Всегдашние разговоры Маяковского о самоубийстве! Это был террор. В 16 году рано утром меня разбудил телефонный звонок. Глухой, тихий голос Маяковского: «Я стреляюсь. Прощай, Лилик». Я крикнула: «Подожди меня!» — что-то накинула поверх халата, скатилась с лестницы, умоляла, гнала, била извозчика кулаками в спину. Маяковский открыл мне дверь. В его комнате на столе лежал пистолет. Он сказал: «Стрелялся, осечка, второй раз не решился, ждал тебя». Я была в неописуемом ужасе, не могла прийти в себя. Мы вместе пошли ко мне, на Жуковскую, и он заставил меня играть с ним в гусарский преферанс. Мы резались бешено. Он забивал меня темпераментом, обессиливал непрерывной декламацией:
И кто-то в мраке дерев незримый зашуршал опавшей листвой. И крикнул: что сделал с тобой любимый, что сделал любимый твой!И еще и еще чужие стихи… без конца…
Когда в 1956 году в Москву приезжал Роман Якобсон, он напомнил мне мой разговор с ним в 1920 году. Мы шли вдоль Охотного ряда, и он сказал: «Не представляю себе Володю старого, в морщинах». А я ответила ему: «Он ни за что не будет старым, обязательно застрелится. Он уже стрелялся — была осечка. Но ведь осечка случается не каждый раз!»
Перед тем как стреляться, Маяковский вынул обойму из пистолета и оставил только один патрон в стволе. Зная его, я убеждена, что он доверился судьбе, думал — если не судьба, опять будет осечка и он поживет еще.
Как часто я слышала от Маяковского слова «застрелюсь, покончу с собой, 35 лет — старость! До тридцати лет доживу. Дальше не стану»…
Мысль о самоубийстве была хронической болезнью Маяковского, и, как каждая хроническая болезнь, она обострялась при неблагоприятных условиях. Конечно, разговоры и мысли о самоубийстве не всегда одинаково пугали меня, а то и жить было бы невозможно. Кто-то опаздывал на партию в карты — он никому не нужен. Знакомая девушка не позвонила по телефону, когда он ждал, — никто его не любит. А если так, значит — жить бессмысленно. При таких истериках я или успокаивала его, или сердилась на него и умоляла не мучить и не пугать меня.

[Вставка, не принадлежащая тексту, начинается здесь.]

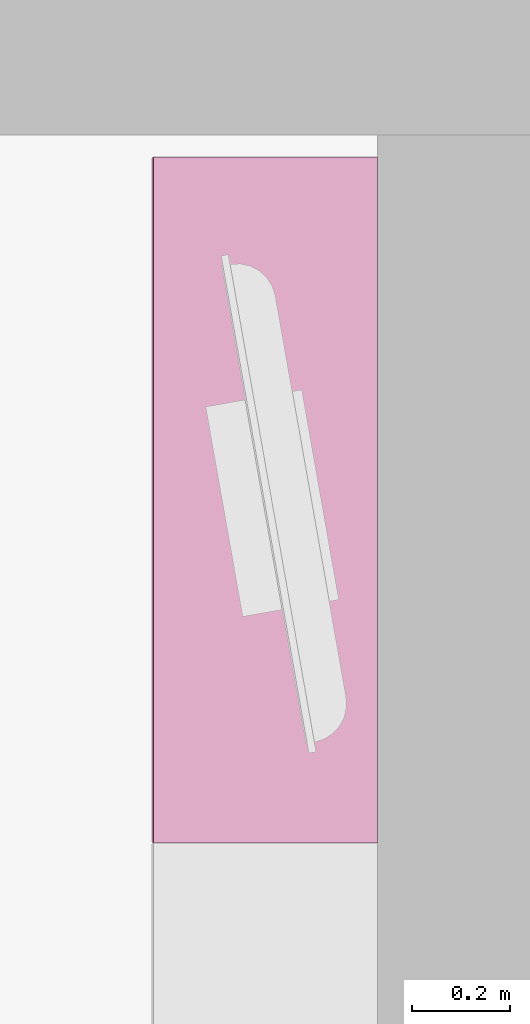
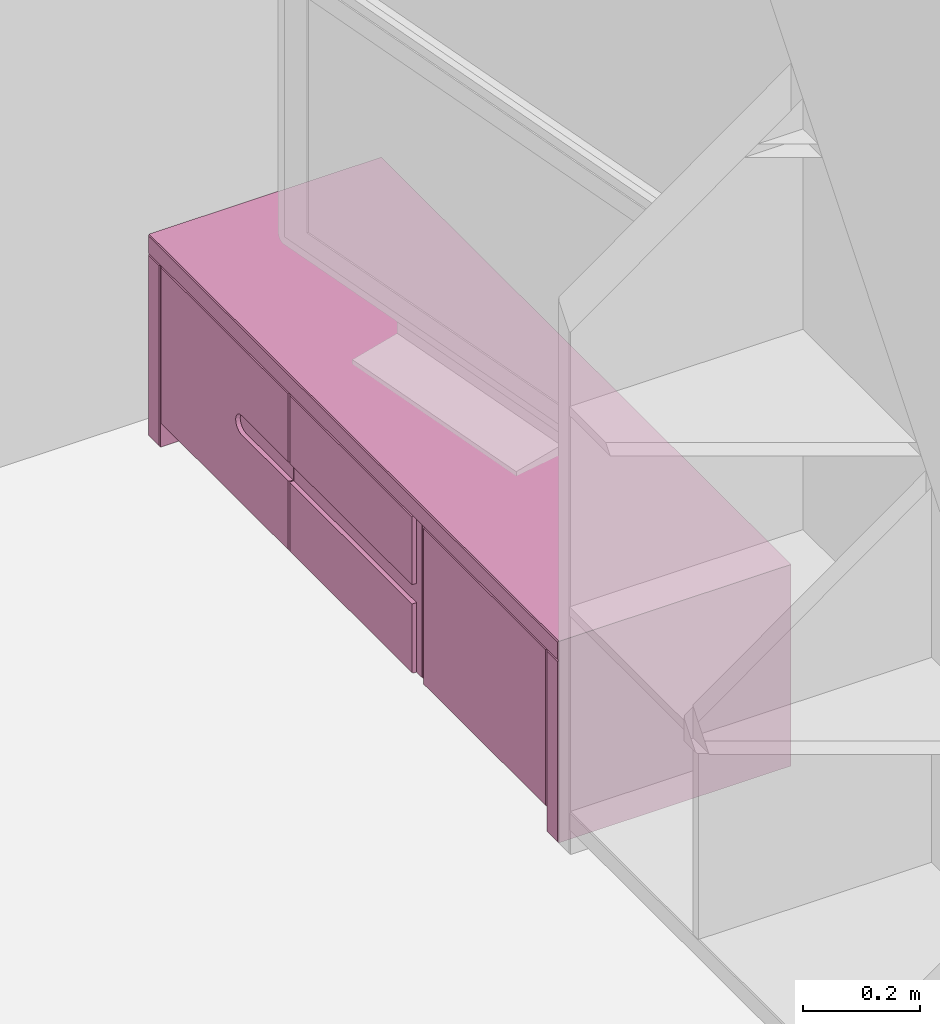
# One storey, part 37 of 40: 1 furnishing.
"""IFC2X3 building model written with IfcOpenShell, lengths in metres."""

import ifcopenshell
import ifcopenshell.guid

model = None  # the IFC model being written
_history = None  # IfcOwnerHistory: only IFC2X3 demands one
_inside = {}  # id of a spatial element -> (the spatial element, [elements in it])
_under = {}  # id of a project, library or spatial element -> (it, [spatial elements below it])
_declared = {}  # id of a project -> (the project, [libraries it declares])
_typed = {}  # id of a type object -> (the type object, [elements of that type])
_made_of = {}  # id of a material, layer set ... -> (it, [elements and type objects made of it])


def new_model(schema):
    """Start an empty IFC model of exactly this schema.

    Asked for "IFC4X3", IfcOpenShell would pick the latest addendum, in which some entities
    have other attributes; the version numbers below select the first issue.
    IFC2X3 requires an IfcOwnerHistory on every rooted entity: one is made here for all.
    """
    global model, _history
    if schema == "IFC4X3":
        model = ifcopenshell.file(schema_version=(4, 3, 0, 0))
    else:
        model = ifcopenshell.file(schema=schema)
    _inside.clear()
    _under.clear()
    _declared.clear()
    _typed.clear()
    _made_of.clear()
    _history = None
    if model.schema == "IFC2X3":
        org = make("IfcOrganization", Name="unknown")
        user = make(
            "IfcPersonAndOrganization",
            ThePerson=make("IfcPerson", FamilyName="unknown"),
            TheOrganization=org,
        )
        app = make(
            "IfcApplication",
            ApplicationDeveloper=org,
            Version="unknown",
            ApplicationFullName="unknown",
            ApplicationIdentifier="unknown",
        )
        _history = make(
            "IfcOwnerHistory",
            OwningUser=user,
            OwningApplication=app,
            ChangeAction="ADDED",
            CreationDate=0,
        )
    return model


def make(cls, **values):
    """One entity of the class cls with the attributes given. An attribute that is None is left unset."""
    return model.create_entity(
        cls, **{name: value for name, value in values.items() if value is not None}
    )


def entity(cls, *values):
    """Any entity or typed value of the class cls, its attributes in the order of the schema. None: left unset."""
    e = model.create_entity(cls)
    for i, value in enumerate(values):
        if value is not None:
            e[i] = value
    return e


def rooted(cls, **values):
    """An entity with a GlobalId (a new one), such as an element, a storey or a relation."""
    return make(cls, GlobalId=ifcopenshell.guid.new(), OwnerHistory=_history, **values)


def si_unit(unit_type, name, prefix=None):
    """IfcSIUnit, for example si_unit("LENGTHUNIT", "METRE", prefix="MILLI")."""
    return make("IfcSIUnit", UnitType=unit_type, Prefix=prefix, Name=name)


def converted_unit(unit_type, name, factor, base, dimensions=None, offset=None):
    """IfcConversionBasedUnit, such as the inch: factor (a typed value) times the base unit."""
    return make(
        "IfcConversionBasedUnit"
        if offset is None
        else "IfcConversionBasedUnitWithOffset",
        ConversionOffset=offset,
        Dimensions=None
        if dimensions is None
        else entity("IfcDimensionalExponents", *dimensions),
        UnitType=unit_type,
        Name=name,
        ConversionFactor=make(
            "IfcMeasureWithUnit", ValueComponent=factor, UnitComponent=base
        ),
    )


def derived_unit(unit_type, elements):
    """IfcDerivedUnit: a product of units, each with its exponent."""
    return make(
        "IfcDerivedUnit",
        Elements=[
            make("IfcDerivedUnitElement", Unit=unit, Exponent=power)
            for unit, power in elements
        ],
        UnitType=unit_type,
    )


def assignment(units):
    """IfcUnitAssignment: the units of a project."""
    return None if units is None else make("IfcUnitAssignment", Units=units)


def point(xyz):
    """IfcCartesianPoint."""
    return None if xyz is None else make("IfcCartesianPoint", Coordinates=xyz)


def direction(xyz):
    """IfcDirection."""
    return None if xyz is None else make("IfcDirection", DirectionRatios=xyz)


def frame(location, z_axis=None, x_axis=None):
    """IfcAxis2Placement3D, a coordinate frame: its origin and axes. An axis left out is left unset."""
    return make(
        "IfcAxis2Placement3D",
        Location=point(location),
        Axis=direction(z_axis),
        RefDirection=direction(x_axis),
    )


def origin():
    """The frame at (0, 0, 0) with its axes left unset."""
    return frame((0.0, 0.0, 0.0))


def place(relative_to, where):
    """IfcLocalPlacement: puts the frame where relative to a parent placement (None: the world)."""
    return make(
        "IfcLocalPlacement", PlacementRelTo=relative_to, RelativePlacement=where
    )


def context(
    kind, dimensions, precision=None, world=None, true_north=None, identifier=None
):
    """IfcGeometricRepresentationContext, for example the 3D "Model" context."""
    return make(
        "IfcGeometricRepresentationContext",
        ContextIdentifier=identifier,
        ContextType=kind,
        CoordinateSpaceDimension=dimensions,
        Precision=precision,
        WorldCoordinateSystem=world,
        TrueNorth=true_north,
    )


def subcontext(parent, identifier, kind, view, scale=None):
    """IfcGeometricRepresentationSubContext, for example "Body" below "Model"."""
    return make(
        "IfcGeometricRepresentationSubContext",
        ContextIdentifier=identifier,
        ContextType=kind,
        ParentContext=parent,
        TargetScale=scale,
        TargetView=view,
    )


def project(units=None, contexts=None):
    """IfcProject with its units and contexts."""
    return rooted(
        "IfcProject",
        Name="project",
        RepresentationContexts=contexts,
        UnitsInContext=assignment(units),
    )


def spatial(cls, under=None, at=None, **own):
    """A site, building, storey or space (cls), placed at a placement, below another one or the project."""
    s = rooted(cls, ObjectPlacement=at, **own)
    if under is not None:
        _under.setdefault(under.id(), (under, []))[1].append(s)
    return s


def faces_of(points, faces, orient=None, outer=None):
    """IfcFace entities. A face is a list of loops; a loop is a list of indices into points, from 0.

    orient and outer hold one flag for each loop. By default every Orientation is true, the
    first loop of a face is its IfcFaceOuterBound and the others are IfcFaceBound.
    """
    made = []
    for i, loops in enumerate(faces):
        bounds = []
        for j, loop in enumerate(loops):
            is_outer = j == 0 if outer is None else outer[i][j]
            bounds.append(
                make(
                    "IfcFaceOuterBound" if is_outer else "IfcFaceBound",
                    Bound=make("IfcPolyLoop", Polygon=[points[k] for k in loop]),
                    Orientation=True if orient is None else orient[i][j],
                )
            )
        made.append(make("IfcFace", Bounds=bounds))
    return made


def faceted_brep(points, faces, orient=None, outer=None, voids=None):
    """IfcFacetedBrep: a solid bounded by flat faces; with voids (closed shells), ...WithVoids."""
    shared = [point(p) for p in points]
    hull = make("IfcClosedShell", CfsFaces=faces_of(shared, faces, orient, outer))
    if voids is None:
        return make("IfcFacetedBrep", Outer=hull)
    return make(
        "IfcFacetedBrepWithVoids",
        Outer=hull,
        Voids=[
            make(cls, CfsFaces=faces_of(shared, fs, o, b)) for cls, fs, o, b in voids
        ],
    )


def shape(context_of_items, identifier, shape_type, items):
    """IfcShapeRepresentation: the items that make up one representation, for example the "Body"."""
    return make(
        "IfcShapeRepresentation",
        ContextOfItems=context_of_items,
        RepresentationIdentifier=identifier,
        RepresentationType=shape_type,
        Items=items,
    )


def source(mapping_origin, context_of_items, identifier, shape_type, items):
    """IfcRepresentationMap: a shape defined once, which mapped items show again and again."""
    return make(
        "IfcRepresentationMap",
        MappingOrigin=mapping_origin,
        MappedRepresentation=shape(context_of_items, identifier, shape_type, items),
    )


def transform(
    local_origin,
    x_axis=None,
    y_axis=None,
    z_axis=None,
    scale=None,
    scale2=None,
    scale3=None,
    uniform=True,
):
    """IfcCartesianTransformationOperator3D, or its non-uniform kind. x_axis, y_axis, z_axis: its Axis1, 2, 3."""
    if uniform:
        return make(
            "IfcCartesianTransformationOperator3D",
            Axis1=direction(x_axis),
            Axis2=direction(y_axis),
            LocalOrigin=point(local_origin),
            Scale=scale,
            Axis3=direction(z_axis),
        )
    return make(
        "IfcCartesianTransformationOperator3DnonUniform",
        Axis1=direction(x_axis),
        Axis2=direction(y_axis),
        LocalOrigin=point(local_origin),
        Scale=scale,
        Axis3=direction(z_axis),
        Scale2=scale2,
        Scale3=scale3,
    )


def mapped(mapping_source, mapping_target):
    """IfcMappedItem: shows the shape of a source again, moved by a transform."""
    return make(
        "IfcMappedItem", MappingSource=mapping_source, MappingTarget=mapping_target
    )


def material(Name=None, Category=None):
    """IfcMaterial."""
    return make("IfcMaterial", Name=Name, Category=Category)


def material_list(materials):
    """IfcMaterialList."""
    return make("IfcMaterialList", Materials=materials)


def made_of(thing, what):
    """Note that an element or type object is made of a material, layer set ...; save() writes the relation."""
    if what is not None:
        _made_of.setdefault(what.id(), (what, []))[1].append(thing)
    return thing


def type_object(cls, material=None, **own):
    """A type object (cls), such as IfcWallType, which elements share."""
    return made_of(rooted(cls, **own), material)


def type_shapes(of_type, sources):
    """Give a type object the sources (RepresentationMaps) that its elements show as mapped items."""
    of_type.RepresentationMaps = sources


def element(
    cls,
    number,
    at=None,
    inside=None,
    cuts=None,
    type_object=None,
    material=None,
    context=None,
    identifier="Body",
    shape_type=None,
    held_by="IfcProductDefinitionShape",
    body=None,
    shapes=None,
    **own,
):
    """One element of the class cls, such as IfcWall. Its Tag is "e" and its number.

    at: its placement. inside: the storey or other place that contains it. cuts: it is an
    opening in that element (IfcRelVoidsElement). A single representation is given by context,
    identifier, shape_type and body (its items); several are given by shapes. held_by: the class
    of the entity that holds the representations. save() writes the other relations.
    """
    e = rooted(cls, Tag="e%d" % number, ObjectPlacement=at, **own)
    if body is not None:
        shapes = [shape(context, identifier, shape_type, body)]
    if shapes is not None:
        e.Representation = make(held_by, Representations=shapes)
    if inside is not None:
        _inside.setdefault(inside.id(), (inside, []))[1].append(e)
    if cuts is not None:
        rooted(
            "IfcRelVoidsElement", RelatingBuildingElement=cuts, RelatedOpeningElement=e
        )
    if type_object is not None:
        _typed.setdefault(type_object.id(), (type_object, []))[1].append(e)
    return made_of(e, material)


def aggregate(whole, parts):
    """IfcRelAggregates: a whole, such as a stair, and the parts it consists of."""
    return rooted("IfcRelAggregates", RelatingObject=whole, RelatedObjects=parts)


def save(model, path):
    """Write the relations noted so far, then the file.

    IfcRelAggregates (storeys below a building ...), IfcRelContainedInSpatialStructure (elements
    in a storey), IfcRelDefinesByType, IfcRelAssociatesMaterial and IfcRelDeclares: one each for
    every whole, place, type object, material and project.
    """
    for whole, parts in _under.values():
        aggregate(whole, parts)
    for where, things in _inside.values():
        rooted(
            "IfcRelContainedInSpatialStructure",
            RelatedElements=things,
            RelatingStructure=where,
        )
    for kind, things in _typed.values():
        rooted("IfcRelDefinesByType", RelatedObjects=things, RelatingType=kind)
    for what, things in _made_of.values():
        rooted("IfcRelAssociatesMaterial", RelatedObjects=things, RelatingMaterial=what)
    for by, libraries in _declared.values():
        rooted("IfcRelDeclares", RelatingContext=by, RelatedDefinitions=libraries)
    model.write(path)


model = new_model("IFC2X3")

# Units and contexts
model_context = context("Model", 3, precision=1e-05, world=origin(), true_north=direction((6.12303176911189e-17, 1.0)))
body_context = subcontext(model_context, "Body", "Model", "MODEL_VIEW")
ifc_project = project(units=[si_unit("LENGTHUNIT", "METRE"), si_unit("AREAUNIT", "SQUARE_METRE"), si_unit("VOLUMEUNIT", "CUBIC_METRE"), converted_unit("PLANEANGLEUNIT", "DEGREE", entity("IfcRatioMeasure", 0.0174532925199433), si_unit("PLANEANGLEUNIT", "RADIAN"), dimensions=[0, 0, 0, 0, 0, 0, 0]), si_unit("MASSUNIT", "GRAM", prefix="KILO"), derived_unit("MASSDENSITYUNIT", [(si_unit("MASSUNIT", "GRAM", prefix="KILO"), 1), (si_unit("LENGTHUNIT", "METRE"), -3)]), si_unit("TIMEUNIT", "SECOND"), si_unit("FREQUENCYUNIT", "HERTZ"), si_unit("THERMODYNAMICTEMPERATUREUNIT", "DEGREE_CELSIUS"), derived_unit("THERMALTRANSMITTANCEUNIT", [(si_unit("MASSUNIT", "GRAM", prefix="KILO"), 1), (si_unit("THERMODYNAMICTEMPERATUREUNIT", "KELVIN"), -1), (si_unit("TIMEUNIT", "SECOND"), -3)]), derived_unit("VOLUMETRICFLOWRATEUNIT", [(si_unit("LENGTHUNIT", "METRE"), 3), (si_unit("TIMEUNIT", "SECOND"), -1)]), si_unit("ELECTRICCURRENTUNIT", "AMPERE"), si_unit("ELECTRICVOLTAGEUNIT", "VOLT"), si_unit("POWERUNIT", "WATT"), si_unit("FORCEUNIT", "NEWTON", prefix="KILO"), si_unit("ILLUMINANCEUNIT", "LUX"), si_unit("LUMINOUSFLUXUNIT", "LUMEN"), si_unit("LUMINOUSINTENSITYUNIT", "CANDELA"), derived_unit("USERDEFINED", [(si_unit("MASSUNIT", "GRAM", prefix="KILO"), -1), (si_unit("LENGTHUNIT", "METRE"), -2), (si_unit("TIMEUNIT", "SECOND"), 3), (si_unit("LUMINOUSFLUXUNIT", "LUMEN"), 1)]), derived_unit("LINEARVELOCITYUNIT", [(si_unit("LENGTHUNIT", "METRE"), 1), (si_unit("TIMEUNIT", "SECOND"), -1)]), si_unit("PRESSUREUNIT", "PASCAL"), derived_unit("USERDEFINED", [(si_unit("LENGTHUNIT", "METRE"), -2), (si_unit("MASSUNIT", "GRAM", prefix="KILO"), 1), (si_unit("TIMEUNIT", "SECOND"), -2)])], contexts=[model_context])

# Site, building, storey, space
site_placement = place(None, origin())
site = spatial("IfcSite", under=ifc_project, at=site_placement, Name="Surface", CompositionType="ELEMENT")
building_placement = place(site_placement, origin())
building = spatial("IfcBuilding", under=site, at=building_placement, CompositionType="ELEMENT")
storey_placement = place(building_placement, origin())
storey = spatial("IfcBuildingStorey", under=building, at=storey_placement, Name="RDC", CompositionType="ELEMENT", Elevation=-1.0941605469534e-13)
space_placement = place(storey_placement, origin())
space = spatial("IfcSpace", under=storey, at=space_placement, Name="13", CompositionType="ELEMENT", InteriorOrExteriorSpace="INTERNAL")

# Furnishing
ifc_material_1 = material(Name="Noir - Laqué")
ifc_material_2 = material(Name="Rouge - Laqué")
ifc_material_list_1 = material_list([ifc_material_1, ifc_material_2])
ifc_material_list_2 = material_list([ifc_material_1, ifc_material_2])
furniture_type = type_object("IfcFurnitureType", Name="1800 x 450 x 420 mm", material=ifc_material_list_2)
shared_shape = source(origin(), body_context, "Body", "Brep", [
    faceted_brep([(0.659999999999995, -0.440000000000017, 0.049999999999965), (0.659999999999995, -0.440000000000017, 0.068999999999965), (-0.660000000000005, -0.440000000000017, 0.068999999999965), (-0.660000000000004, -0.440000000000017, 0.049999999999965), (0.659999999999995, 0.0, 0.049999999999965), (-0.660000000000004, 0.0, 0.049999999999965), (-0.660000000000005, 0.0, 0.068999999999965), (0.659999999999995, 0.0, 0.068999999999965)], [[[0, 1, 2, 3]], [[4, 5, 6, 7]], [[1, 0, 4, 7]], [[2, 1, 7, 6]], [[3, 2, 6, 5]], [[0, 3, 5, 4]]]),
    faceted_brep([(-0.382154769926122, -0.450000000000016, 0.234999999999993), (-0.221000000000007, -0.450000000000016, 0.234999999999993), (-0.221000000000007, -0.456878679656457, 0.234999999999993), (-0.223121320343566, -0.459000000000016, 0.234999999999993), (-0.382154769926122, -0.459000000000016, 0.234999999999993), (-0.223121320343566, -0.459000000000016, 0.376378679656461), (-0.221000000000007, -0.456878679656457, 0.378500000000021), (-0.221000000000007, -0.456878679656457, 0.194999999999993), (-0.223121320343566, -0.459000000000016, 0.194999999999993), (-0.223121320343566, -0.459000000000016, 0.0521213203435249), (-0.221000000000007, -0.456878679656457, 0.049999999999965), (-0.221000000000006, -0.440000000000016, 0.378500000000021), (-0.221000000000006, -0.440000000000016, 0.049999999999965), (-0.658500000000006, -0.440000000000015, 0.0499999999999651), (-0.658500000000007, -0.440000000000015, 0.378500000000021), (-0.656378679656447, -0.459000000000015, 0.0521213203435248), (-0.382154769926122, -0.459000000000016, 0.194999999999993), (-0.387331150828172, -0.459000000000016, 0.195681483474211), (-0.392154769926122, -0.459000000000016, 0.197679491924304), (-0.396296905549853, -0.459000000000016, 0.200857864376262), (-0.399475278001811, -0.459000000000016, 0.204999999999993), (-0.401473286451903, -0.459000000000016, 0.209823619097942), (-0.402154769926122, -0.459000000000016, 0.214999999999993), (-0.401473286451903, -0.459000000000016, 0.220176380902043), (-0.399475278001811, -0.459000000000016, 0.224999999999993), (-0.396296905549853, -0.459000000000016, 0.229142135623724), (-0.392154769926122, -0.459000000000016, 0.232320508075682), (-0.387331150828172, -0.459000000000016, 0.234318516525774), (-0.656378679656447, -0.459000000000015, 0.376378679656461), (-0.658500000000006, -0.456878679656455, 0.0499999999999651), (-0.658500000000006, -0.456878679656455, 0.378500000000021), (-0.221000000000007, -0.450000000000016, 0.194999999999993), (-0.396296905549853, -0.450000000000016, 0.229142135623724), (-0.399475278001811, -0.450000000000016, 0.224999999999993), (-0.401473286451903, -0.450000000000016, 0.220176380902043), (-0.402154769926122, -0.450000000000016, 0.214999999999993), (-0.401473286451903, -0.450000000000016, 0.209823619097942), (-0.399475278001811, -0.450000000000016, 0.204999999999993), (-0.396296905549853, -0.450000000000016, 0.200857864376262), (-0.392154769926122, -0.450000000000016, 0.197679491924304), (-0.387331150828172, -0.450000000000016, 0.195681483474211), (-0.382154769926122, -0.450000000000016, 0.194999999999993), (-0.387331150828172, -0.450000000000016, 0.234318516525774), (-0.392154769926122, -0.450000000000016, 0.232320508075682)], [[[0, 1, 2, 3, 4]], [[5, 3, 2, 6]], [[7, 8, 9, 10]], [[11, 12, 13, 14]], [[15, 9, 8, 16, 17, 18, 19, 20, 21, 22, 23, 24, 25, 26, 27, 4, 3, 5, 28]], [[13, 12, 10, 29]], [[14, 13, 29, 30]], [[11, 14, 30, 6]], [[11, 6, 2, 1, 31, 7, 10, 12]], [[9, 15, 29, 10]], [[28, 5, 6, 30]], [[15, 28, 30, 29]], [[32, 33, 34, 35, 36, 37, 38, 39, 40, 41, 31, 1, 0, 42, 43]], [[0, 4, 27, 42]], [[42, 27, 26, 43]], [[33, 32, 25, 24]], [[25, 32, 43, 26]], [[34, 33, 24, 23]], [[34, 23, 22, 35]], [[35, 22, 21, 36]], [[36, 21, 20, 37]], [[39, 38, 19, 18]], [[19, 38, 37, 20]], [[40, 39, 18, 17]], [[40, 17, 16, 41]], [[41, 16, 8, 7, 31]]]),
    faceted_brep([(0.658499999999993, -0.440000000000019, 0.049999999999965), (0.220999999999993, -0.440000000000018, 0.0499999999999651), (0.220999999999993, -0.440000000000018, 0.378500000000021), (0.658499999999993, -0.440000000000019, 0.378500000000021), (0.658499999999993, -0.45687867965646, 0.049999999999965), (0.239999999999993, -0.456878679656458, 0.0499999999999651), (0.239999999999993, -0.450000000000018, 0.0499999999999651), (0.220999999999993, -0.450000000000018, 0.0499999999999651), (0.220999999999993, -0.450000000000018, 0.378500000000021), (0.239999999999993, -0.450000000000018, 0.378500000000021), (0.239999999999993, -0.456878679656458, 0.378500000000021), (0.658499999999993, -0.45687867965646, 0.378500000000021), (0.656378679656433, -0.459000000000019, 0.0521213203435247), (0.239999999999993, -0.459000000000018, 0.0521213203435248), (0.656378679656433, -0.459000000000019, 0.376378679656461), (0.239999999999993, -0.459000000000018, 0.376378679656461)], [[[0, 1, 2, 3]], [[1, 0, 4, 5, 6, 7]], [[2, 1, 7, 8]], [[3, 2, 8, 9, 10, 11]], [[0, 3, 11, 4]], [[4, 12, 13, 5]], [[12, 4, 11, 14]], [[14, 11, 10, 15]], [[9, 6, 5, 13, 15, 10]], [[6, 9, 8, 7]], [[12, 14, 15, 13]]]),
    faceted_brep([(0.218999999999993, -0.440000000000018, 0.0499999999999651), (0.218999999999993, -0.440000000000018, 0.378500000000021), (0.218999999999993, -0.450000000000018, 0.378500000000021), (0.218999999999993, -0.450000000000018, 0.0499999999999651), (-0.219000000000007, -0.440000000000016, 0.049999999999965), (0.199999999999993, -0.450000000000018, 0.0499999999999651), (0.199999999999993, -0.456878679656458, 0.0499999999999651), (-0.219000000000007, -0.456878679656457, 0.049999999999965), (-0.219000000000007, -0.440000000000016, 0.378500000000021), (-0.219000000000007, -0.456878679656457, 0.194999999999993), (-0.219000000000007, -0.450000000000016, 0.194999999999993), (-0.219000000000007, -0.450000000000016, 0.234999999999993), (-0.219000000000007, -0.456878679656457, 0.234999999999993), (-0.219000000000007, -0.456878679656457, 0.378500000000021), (0.199999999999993, -0.456878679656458, 0.378500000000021), (0.199999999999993, -0.450000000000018, 0.378500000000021), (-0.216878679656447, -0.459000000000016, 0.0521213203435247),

Но бывали случаи, когда я боялась за него, когда он, казалось мне, близок к катастрофе. Помню, когда он пришел из Госиздата, где долго ждал кого-то, стоял в очереди в кассу, доказывал что-то, не требующее доказательств. Придя домой, он бросился на тахту во всю свою длину, вниз лицом и буквально завыл: я — больше — не мо-гу… Тут я расплакалась от жалости и страха за него, и он забыл о себе и бросился меня успокаивать.